**Material for the task:**

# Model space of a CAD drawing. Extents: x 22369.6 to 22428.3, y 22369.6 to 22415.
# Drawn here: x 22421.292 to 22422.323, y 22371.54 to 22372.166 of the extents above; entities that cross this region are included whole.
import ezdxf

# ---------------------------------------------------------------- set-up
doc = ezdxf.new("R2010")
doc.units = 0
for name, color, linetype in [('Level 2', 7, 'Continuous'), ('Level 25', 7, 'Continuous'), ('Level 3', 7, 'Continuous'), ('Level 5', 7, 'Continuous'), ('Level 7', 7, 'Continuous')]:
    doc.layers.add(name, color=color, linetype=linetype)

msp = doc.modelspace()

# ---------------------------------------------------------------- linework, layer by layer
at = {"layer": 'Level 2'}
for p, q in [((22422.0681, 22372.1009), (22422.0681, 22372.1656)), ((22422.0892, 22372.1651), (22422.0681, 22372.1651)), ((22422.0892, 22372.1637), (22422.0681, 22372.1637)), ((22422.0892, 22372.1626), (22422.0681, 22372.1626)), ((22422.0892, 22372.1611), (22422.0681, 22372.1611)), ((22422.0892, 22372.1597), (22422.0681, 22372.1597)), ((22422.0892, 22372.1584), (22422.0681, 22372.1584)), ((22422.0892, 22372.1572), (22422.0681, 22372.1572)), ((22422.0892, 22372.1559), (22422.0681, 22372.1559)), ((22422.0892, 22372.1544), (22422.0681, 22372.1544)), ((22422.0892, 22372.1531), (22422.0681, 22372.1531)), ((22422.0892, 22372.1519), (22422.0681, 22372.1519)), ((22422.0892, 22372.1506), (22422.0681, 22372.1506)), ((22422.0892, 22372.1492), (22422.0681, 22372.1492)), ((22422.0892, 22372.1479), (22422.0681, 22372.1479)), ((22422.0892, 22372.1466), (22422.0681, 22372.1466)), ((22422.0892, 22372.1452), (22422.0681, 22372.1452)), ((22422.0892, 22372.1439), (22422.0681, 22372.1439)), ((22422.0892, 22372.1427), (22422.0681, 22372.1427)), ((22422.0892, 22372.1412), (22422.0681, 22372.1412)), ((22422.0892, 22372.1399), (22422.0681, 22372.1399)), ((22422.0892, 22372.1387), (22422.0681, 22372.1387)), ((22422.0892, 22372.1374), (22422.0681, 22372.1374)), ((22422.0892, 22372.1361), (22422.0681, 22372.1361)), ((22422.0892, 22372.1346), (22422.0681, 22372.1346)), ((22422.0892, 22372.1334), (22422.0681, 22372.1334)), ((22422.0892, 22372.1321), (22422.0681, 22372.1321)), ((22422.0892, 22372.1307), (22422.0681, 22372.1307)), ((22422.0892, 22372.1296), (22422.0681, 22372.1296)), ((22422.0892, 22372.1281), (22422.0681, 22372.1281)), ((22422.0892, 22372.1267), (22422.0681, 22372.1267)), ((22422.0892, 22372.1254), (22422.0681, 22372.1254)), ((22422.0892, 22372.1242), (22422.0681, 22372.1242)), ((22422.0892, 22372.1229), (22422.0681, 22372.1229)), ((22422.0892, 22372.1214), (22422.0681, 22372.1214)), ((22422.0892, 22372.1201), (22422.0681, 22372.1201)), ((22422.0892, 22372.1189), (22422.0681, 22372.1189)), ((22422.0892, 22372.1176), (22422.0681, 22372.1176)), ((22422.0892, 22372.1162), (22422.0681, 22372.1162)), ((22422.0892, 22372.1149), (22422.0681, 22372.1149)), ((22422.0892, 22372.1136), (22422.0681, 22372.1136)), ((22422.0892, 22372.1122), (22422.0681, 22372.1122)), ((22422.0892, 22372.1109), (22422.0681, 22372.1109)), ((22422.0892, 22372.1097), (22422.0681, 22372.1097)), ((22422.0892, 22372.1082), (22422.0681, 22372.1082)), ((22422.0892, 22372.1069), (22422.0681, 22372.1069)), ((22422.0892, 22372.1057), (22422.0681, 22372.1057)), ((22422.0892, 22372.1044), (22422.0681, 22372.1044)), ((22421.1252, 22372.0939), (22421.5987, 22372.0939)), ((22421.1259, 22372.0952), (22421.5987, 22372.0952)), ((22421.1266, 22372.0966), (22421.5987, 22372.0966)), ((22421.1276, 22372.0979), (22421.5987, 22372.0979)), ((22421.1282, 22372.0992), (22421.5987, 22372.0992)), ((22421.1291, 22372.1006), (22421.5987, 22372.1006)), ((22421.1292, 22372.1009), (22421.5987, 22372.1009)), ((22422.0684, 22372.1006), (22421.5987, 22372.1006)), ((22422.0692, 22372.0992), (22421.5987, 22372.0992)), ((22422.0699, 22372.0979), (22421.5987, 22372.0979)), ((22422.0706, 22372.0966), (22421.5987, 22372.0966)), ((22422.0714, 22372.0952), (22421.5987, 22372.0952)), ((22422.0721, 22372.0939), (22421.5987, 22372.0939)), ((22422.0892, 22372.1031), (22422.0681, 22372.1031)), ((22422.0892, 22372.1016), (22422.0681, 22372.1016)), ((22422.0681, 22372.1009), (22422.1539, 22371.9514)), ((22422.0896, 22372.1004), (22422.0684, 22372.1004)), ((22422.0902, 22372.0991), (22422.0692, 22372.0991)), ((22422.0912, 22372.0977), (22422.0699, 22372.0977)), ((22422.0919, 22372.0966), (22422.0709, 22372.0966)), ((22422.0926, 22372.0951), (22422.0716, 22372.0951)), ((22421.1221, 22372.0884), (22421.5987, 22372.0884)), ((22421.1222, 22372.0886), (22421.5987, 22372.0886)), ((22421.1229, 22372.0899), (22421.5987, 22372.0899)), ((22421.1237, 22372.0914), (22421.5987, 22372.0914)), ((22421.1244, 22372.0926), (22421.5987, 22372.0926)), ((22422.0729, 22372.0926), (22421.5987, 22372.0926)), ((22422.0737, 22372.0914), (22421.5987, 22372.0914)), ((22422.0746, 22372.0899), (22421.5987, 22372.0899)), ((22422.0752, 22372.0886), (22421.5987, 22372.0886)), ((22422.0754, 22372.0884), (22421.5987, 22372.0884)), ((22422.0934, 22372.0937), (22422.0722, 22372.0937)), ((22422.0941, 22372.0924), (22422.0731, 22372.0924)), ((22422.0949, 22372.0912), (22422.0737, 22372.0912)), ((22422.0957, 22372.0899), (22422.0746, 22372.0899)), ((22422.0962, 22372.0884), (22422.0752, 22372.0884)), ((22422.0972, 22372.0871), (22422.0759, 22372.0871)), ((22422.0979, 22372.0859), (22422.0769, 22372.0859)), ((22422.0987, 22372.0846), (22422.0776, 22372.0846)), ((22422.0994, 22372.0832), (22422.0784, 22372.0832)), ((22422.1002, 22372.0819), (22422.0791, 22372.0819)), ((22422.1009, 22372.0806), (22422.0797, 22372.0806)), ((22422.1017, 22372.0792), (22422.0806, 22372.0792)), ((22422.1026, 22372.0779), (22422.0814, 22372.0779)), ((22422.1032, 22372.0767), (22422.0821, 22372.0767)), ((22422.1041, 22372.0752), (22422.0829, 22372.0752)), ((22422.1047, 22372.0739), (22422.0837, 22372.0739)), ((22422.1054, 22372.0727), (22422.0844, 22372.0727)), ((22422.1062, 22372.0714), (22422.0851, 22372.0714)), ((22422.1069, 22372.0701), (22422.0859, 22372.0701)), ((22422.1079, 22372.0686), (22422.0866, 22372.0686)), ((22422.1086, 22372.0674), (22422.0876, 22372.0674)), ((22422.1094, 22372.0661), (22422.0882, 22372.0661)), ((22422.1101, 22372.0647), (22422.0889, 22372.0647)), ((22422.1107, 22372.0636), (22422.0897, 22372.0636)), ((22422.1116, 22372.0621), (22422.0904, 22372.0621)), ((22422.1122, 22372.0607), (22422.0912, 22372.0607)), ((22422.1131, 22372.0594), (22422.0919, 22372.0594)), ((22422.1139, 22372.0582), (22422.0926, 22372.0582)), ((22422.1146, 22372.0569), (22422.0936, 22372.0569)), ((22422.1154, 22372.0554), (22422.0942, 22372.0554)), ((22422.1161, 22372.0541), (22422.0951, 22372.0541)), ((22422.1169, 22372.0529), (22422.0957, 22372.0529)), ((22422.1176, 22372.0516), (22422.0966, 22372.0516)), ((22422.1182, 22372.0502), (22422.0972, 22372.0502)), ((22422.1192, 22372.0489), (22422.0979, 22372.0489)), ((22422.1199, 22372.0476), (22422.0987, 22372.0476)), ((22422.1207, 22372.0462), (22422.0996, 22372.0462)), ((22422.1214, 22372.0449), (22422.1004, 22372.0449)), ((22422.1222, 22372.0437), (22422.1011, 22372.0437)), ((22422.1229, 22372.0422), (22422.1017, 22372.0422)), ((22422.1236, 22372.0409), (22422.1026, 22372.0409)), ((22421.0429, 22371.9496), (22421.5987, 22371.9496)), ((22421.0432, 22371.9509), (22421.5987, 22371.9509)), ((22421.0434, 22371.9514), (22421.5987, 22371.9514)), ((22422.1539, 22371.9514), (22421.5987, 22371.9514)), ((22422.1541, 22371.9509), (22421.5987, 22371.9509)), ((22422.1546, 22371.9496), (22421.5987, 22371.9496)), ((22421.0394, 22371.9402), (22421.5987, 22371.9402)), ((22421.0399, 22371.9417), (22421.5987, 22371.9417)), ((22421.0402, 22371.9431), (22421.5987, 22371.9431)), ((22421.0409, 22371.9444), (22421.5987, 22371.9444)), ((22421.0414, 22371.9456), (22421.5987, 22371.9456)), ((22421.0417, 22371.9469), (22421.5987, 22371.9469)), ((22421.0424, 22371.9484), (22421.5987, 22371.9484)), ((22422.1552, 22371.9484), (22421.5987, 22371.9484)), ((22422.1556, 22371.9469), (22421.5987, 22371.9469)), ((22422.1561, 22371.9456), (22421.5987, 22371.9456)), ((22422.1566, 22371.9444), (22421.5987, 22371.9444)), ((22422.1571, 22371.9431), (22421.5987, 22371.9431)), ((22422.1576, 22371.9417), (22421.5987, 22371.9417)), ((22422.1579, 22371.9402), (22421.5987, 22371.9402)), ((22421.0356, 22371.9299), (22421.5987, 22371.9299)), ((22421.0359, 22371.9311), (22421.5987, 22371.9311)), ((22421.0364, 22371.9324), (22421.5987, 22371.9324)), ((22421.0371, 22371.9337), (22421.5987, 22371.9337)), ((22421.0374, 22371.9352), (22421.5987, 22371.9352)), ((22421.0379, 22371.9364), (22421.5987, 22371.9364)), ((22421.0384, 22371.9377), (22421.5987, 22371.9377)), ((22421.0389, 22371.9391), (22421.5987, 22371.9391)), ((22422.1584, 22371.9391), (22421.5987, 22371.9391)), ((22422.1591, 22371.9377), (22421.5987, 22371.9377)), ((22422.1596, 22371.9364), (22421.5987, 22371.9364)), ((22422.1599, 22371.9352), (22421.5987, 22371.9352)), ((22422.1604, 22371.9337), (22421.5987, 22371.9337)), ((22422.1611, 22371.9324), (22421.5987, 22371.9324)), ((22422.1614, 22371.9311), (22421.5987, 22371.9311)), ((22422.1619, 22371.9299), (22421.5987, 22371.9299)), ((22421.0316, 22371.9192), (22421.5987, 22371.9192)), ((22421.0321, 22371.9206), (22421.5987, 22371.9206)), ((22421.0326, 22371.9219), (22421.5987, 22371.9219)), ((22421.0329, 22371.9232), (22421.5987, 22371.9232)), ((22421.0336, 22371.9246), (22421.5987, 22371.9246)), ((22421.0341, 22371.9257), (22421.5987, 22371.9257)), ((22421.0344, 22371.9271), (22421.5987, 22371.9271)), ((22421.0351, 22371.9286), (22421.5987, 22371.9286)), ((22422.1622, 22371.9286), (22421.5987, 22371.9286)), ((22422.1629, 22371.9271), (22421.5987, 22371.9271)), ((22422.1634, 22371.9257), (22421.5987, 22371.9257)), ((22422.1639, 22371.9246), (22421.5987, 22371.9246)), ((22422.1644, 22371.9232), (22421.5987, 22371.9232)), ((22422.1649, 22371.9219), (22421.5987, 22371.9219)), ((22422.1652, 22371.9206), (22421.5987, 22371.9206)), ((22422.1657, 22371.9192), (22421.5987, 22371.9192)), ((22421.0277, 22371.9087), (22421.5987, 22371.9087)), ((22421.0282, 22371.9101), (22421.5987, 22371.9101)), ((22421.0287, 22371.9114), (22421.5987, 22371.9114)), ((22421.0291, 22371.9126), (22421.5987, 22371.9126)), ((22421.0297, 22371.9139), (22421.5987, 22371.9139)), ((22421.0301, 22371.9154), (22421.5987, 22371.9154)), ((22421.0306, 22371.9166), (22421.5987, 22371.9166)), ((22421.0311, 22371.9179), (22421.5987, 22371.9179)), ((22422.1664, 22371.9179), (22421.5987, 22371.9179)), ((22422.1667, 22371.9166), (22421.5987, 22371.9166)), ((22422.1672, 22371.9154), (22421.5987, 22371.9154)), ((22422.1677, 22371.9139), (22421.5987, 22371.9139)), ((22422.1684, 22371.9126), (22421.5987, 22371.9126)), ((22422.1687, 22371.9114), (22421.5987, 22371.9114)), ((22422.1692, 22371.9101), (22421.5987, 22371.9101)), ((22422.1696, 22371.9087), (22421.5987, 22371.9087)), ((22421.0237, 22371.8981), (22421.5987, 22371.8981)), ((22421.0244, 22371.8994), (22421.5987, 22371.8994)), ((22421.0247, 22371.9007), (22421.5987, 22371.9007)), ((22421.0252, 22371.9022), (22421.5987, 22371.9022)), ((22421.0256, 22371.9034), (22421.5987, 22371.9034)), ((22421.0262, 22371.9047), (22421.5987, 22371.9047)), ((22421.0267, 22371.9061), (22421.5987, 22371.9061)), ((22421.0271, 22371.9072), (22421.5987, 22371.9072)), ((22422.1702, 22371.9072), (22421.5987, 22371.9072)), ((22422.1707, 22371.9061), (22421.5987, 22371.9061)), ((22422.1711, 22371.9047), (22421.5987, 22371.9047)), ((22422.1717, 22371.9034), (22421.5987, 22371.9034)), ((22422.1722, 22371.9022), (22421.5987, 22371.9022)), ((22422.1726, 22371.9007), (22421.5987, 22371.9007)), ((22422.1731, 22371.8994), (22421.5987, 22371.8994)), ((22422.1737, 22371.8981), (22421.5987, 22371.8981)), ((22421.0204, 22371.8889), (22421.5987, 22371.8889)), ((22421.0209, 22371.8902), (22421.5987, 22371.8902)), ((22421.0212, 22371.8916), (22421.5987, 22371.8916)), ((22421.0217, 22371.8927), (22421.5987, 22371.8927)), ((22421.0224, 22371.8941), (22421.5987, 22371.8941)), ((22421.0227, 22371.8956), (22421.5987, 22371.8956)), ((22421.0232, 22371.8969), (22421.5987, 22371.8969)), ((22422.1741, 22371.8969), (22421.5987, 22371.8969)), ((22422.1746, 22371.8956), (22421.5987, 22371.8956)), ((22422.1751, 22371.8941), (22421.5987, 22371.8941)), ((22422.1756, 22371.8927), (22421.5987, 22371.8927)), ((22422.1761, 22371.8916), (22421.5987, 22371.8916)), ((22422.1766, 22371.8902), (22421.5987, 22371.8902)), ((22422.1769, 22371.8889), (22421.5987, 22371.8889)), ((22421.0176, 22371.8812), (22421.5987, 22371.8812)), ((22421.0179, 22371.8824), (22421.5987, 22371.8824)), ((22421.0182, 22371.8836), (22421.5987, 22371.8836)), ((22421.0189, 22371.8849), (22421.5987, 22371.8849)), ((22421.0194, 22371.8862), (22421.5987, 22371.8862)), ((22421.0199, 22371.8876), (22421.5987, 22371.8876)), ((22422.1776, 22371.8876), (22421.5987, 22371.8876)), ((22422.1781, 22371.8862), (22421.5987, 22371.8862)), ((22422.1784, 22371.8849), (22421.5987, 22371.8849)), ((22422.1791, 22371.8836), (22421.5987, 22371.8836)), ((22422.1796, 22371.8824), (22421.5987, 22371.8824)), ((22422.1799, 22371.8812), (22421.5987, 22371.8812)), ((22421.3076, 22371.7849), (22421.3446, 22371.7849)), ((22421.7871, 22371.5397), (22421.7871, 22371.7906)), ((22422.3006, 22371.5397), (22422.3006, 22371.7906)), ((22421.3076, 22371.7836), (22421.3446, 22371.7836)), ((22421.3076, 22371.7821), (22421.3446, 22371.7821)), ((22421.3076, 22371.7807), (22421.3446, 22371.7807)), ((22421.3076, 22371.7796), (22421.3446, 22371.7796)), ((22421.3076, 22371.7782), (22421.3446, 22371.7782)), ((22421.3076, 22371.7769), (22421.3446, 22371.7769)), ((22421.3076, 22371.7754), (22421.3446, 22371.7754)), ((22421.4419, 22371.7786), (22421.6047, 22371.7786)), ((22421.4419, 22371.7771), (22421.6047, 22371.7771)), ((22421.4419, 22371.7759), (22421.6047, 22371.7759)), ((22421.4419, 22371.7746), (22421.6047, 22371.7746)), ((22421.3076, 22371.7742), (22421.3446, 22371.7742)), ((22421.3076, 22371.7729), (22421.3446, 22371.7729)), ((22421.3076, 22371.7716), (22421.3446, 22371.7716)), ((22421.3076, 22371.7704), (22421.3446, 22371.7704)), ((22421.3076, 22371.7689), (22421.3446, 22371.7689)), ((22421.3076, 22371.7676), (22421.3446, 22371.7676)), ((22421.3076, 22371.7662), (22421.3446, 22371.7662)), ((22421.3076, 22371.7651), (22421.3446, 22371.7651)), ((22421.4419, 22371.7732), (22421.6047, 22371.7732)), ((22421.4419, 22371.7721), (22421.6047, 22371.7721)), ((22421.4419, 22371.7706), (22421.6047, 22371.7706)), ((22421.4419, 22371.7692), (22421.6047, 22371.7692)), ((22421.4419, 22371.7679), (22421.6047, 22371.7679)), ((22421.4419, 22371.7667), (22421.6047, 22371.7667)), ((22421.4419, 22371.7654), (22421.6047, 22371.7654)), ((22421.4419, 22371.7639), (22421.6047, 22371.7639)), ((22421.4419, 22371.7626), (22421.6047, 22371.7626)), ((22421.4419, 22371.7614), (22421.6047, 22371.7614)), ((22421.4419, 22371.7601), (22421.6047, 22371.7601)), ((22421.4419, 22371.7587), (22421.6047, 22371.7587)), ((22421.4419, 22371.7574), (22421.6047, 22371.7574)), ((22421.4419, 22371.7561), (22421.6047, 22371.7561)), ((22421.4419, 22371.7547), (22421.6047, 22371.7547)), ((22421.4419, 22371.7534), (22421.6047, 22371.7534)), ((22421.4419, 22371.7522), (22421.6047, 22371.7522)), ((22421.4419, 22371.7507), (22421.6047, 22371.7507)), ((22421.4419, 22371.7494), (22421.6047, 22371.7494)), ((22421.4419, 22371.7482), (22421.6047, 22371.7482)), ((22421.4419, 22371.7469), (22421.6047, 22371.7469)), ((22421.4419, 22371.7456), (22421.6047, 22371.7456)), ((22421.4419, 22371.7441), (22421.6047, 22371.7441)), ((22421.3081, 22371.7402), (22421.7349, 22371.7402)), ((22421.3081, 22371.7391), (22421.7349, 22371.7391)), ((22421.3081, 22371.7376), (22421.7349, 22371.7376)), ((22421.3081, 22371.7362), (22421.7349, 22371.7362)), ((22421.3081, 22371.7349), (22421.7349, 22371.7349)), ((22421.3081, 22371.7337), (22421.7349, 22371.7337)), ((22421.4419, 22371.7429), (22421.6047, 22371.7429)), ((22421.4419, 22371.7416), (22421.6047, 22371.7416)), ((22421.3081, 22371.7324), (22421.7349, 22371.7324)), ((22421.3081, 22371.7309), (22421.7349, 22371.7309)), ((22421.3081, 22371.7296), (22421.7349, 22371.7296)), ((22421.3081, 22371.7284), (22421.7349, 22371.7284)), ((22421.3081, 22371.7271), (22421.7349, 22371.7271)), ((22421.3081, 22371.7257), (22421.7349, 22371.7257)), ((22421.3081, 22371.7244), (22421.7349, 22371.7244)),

**The problem:**
In the entries above, the lines from the one bearing "# Drawn here: x" up to and including the one bearing "doc.units = 0" should be transcribed exactly; no other line is wanted.

**Solved problem:**
# Drawn here: x 22421.292 to 22422.323, y 22371.54 to 22372.166 of the extents above; entities that cross this region are included whole.
import ezdxf

# ---------------------------------------------------------------- set-up
doc = ezdxf.new("R2010")
doc.units = 0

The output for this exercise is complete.